TASK GOAL - Lift out each line of the data that holds "Wheel".

______

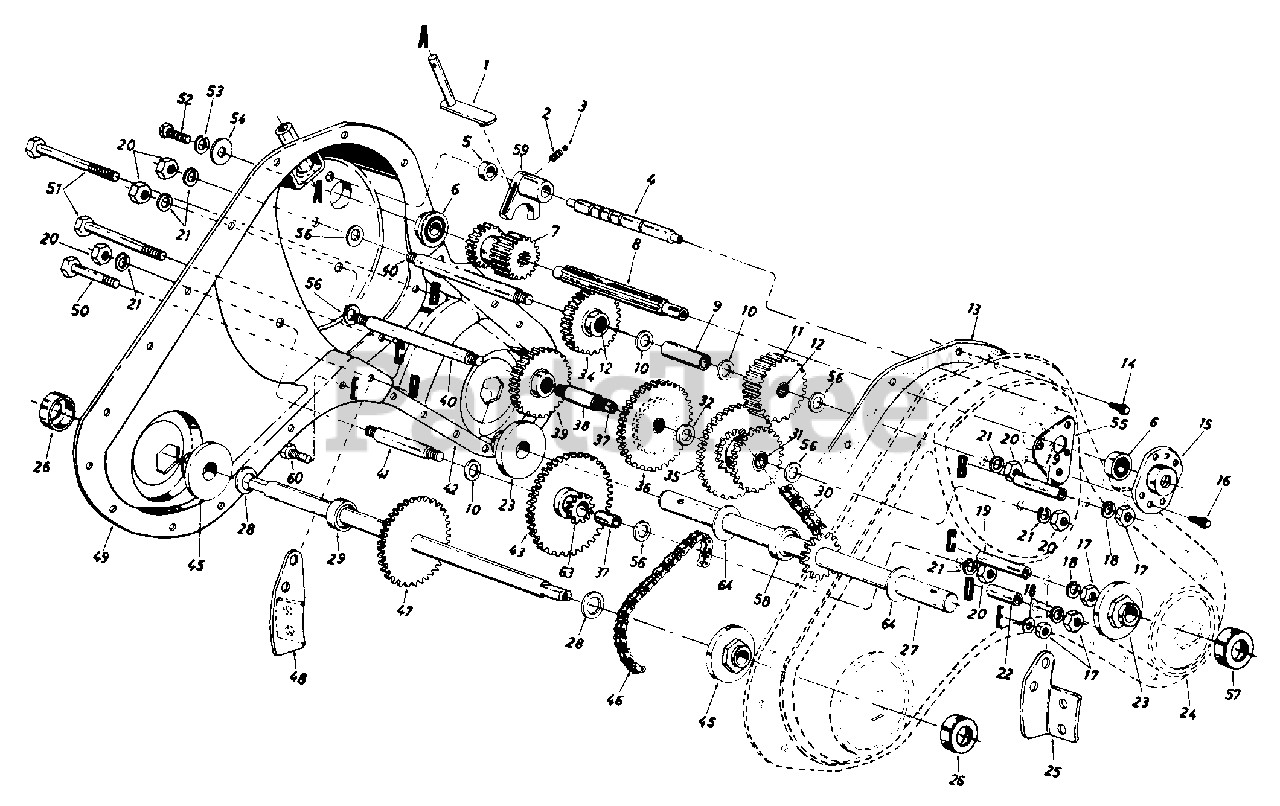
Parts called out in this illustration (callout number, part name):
1	Shifting Bracket Ass'y.
2	Compression Spring .50" Lg.
3	Ball Detent .250" Dia.
4	Detent Shaft 1/2" Dia.
5	Spacer 505" I.D. x .88" O.D.
6	Ball Brg. .62" I.D. x 1.38"
7	Spur Gear 16T
8	Input Spline Shaft 7/8"
9	Spacer .657" I.D. x 2.85" Lg.
10	Fl-Wash. .640" I.D. x 1.24"
11	Spur Gear 30T 7/8" I.D.
12	Needle Bearing 5/8" I.D.
13	Gasket Trans. Hsg.
14	Hex Wash. S-Tap Scr. 1/4-20 x .50" Lg.
15	1-3/8" Dia. Bearing Housing
16	Hex TT-Tap Scr. 1/4-20 x .75"
17	Hex Nut 5/16-18 Thd.
18	L-Wash. 5/16" I.D.
19	Spacer 1.56" Lg.
20	Hex Nut 7/16-20 Thd.
21	Bell-Wash. .45" I.D. x 1.0"
22	Spacer 1.015" Lg.
23	Tine Shaft Brg. 1.002 x 2.50
24	Trans. Housing Ass'y. L.H.
27	Tine Shaft Ass'y. 1" O.D.
28	Fl-Wash. .75" I.D. x 1.5" O.D.
29	Spacer .75" I.D. x .50" Lg.
30	Chain #50 5/8 Pitch x 52 Links Endless
31	Needle Bearing 5/8" I.D.
32	Fl-Wash. 5/8" I.D.
34	Spur Gear 30T 12/16" I.D.
35	30/44T Gear Ass'y. Comp.
36	Spur Gear 44T
37	Sleeve Bearing
38	Gear Hub 3/4" I.D. x 3" Lg.
39	Spur Gear 30T 1.0" I.D. x 1/2" W
40	Jack Shaft 5/8" Dia. x 5"
41	Jack Shaft 5/8" Dia. x 2.38"
45	Wheel Brg. .752" x 2.5"
46	#420 Chain 1/2 Pitch x 50 Links Endless
47	Wheel Shaft Ass'y. 15.6"
51	Hex Bolt 5/16-18 x 2.5"
52	Hex Bolt 1/4-20 x .62" Lg.
53	L-Wash. 3/8" I.D.
54	Fl-Wash. 1/4" I.D. x .93" O.D.
55	Gear Positioner Bracket
56	Fl-Wash. 7/16" I.D. x 1-3/8"
57	Dust Cover Ass'y. 1" Shaft
58	Spacer 1" I.D. x 2" O.D.
59	Shifting Fork
60	Hex Bolt 5/16-18 x .75" Lg.
63	10T Sprocket Ass'y.
64	Thrust Wash. 1.03" I.D. x 1.62" O.D.
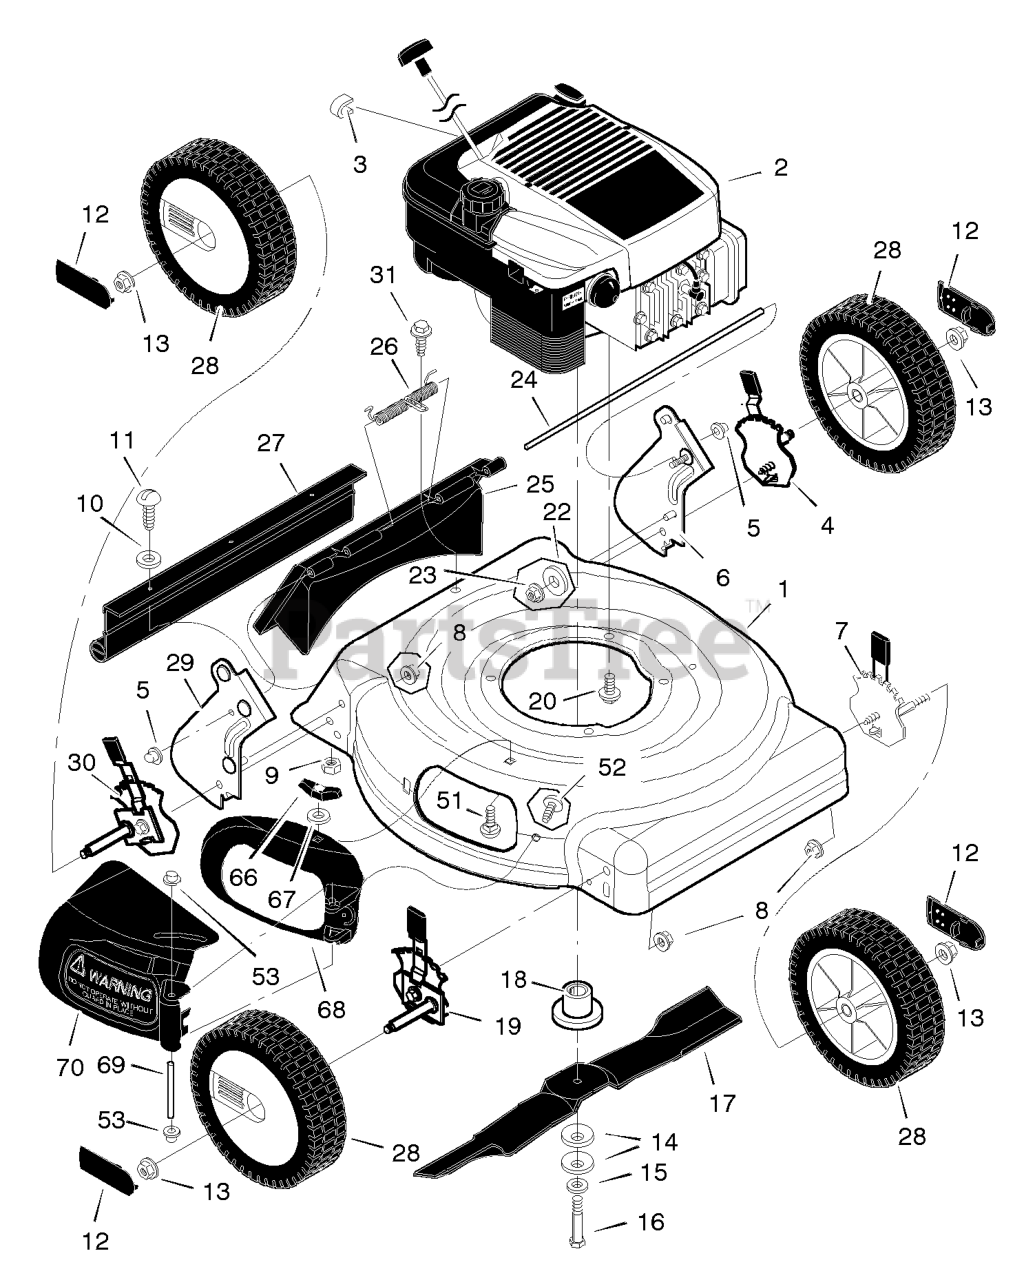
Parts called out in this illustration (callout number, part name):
1	Housing
2	Engine *
3	Stop, Rope (Recoil - Start)
4	Adjuster, Left Rear Height
5	Nut, Push
6	Bracket, Left Handle
7	Adjuster, Left Front Height
8	Nut, Flange
9	Nut, Hex
12	Hub Cap
13	Nut, Flange
14	Washer, Belleville
18	Adapter, Blade
19	Adjuster, Right Front Height
20	Bolt, Engine
22	Washer
23	Nut, Flange
24	Rod, Pivot
25	Door, Rear
27	Guard, Rear
28	Wheel (Dark Gray)
29	Bracket, Right Handle
30	Adjuster, Right Rear Height
51	Bolt, Carriage
53	Push On Cap
66	Wingnut
67	Retainer, Push
69	Pin, Pivot
70	Deflector, Chute

______

RESPONSE TO THE TASK -
45	Wheel Brg. .752" x 2.5"
47	Wheel Shaft Ass'y. 15.6"
28	Wheel (Dark Gray)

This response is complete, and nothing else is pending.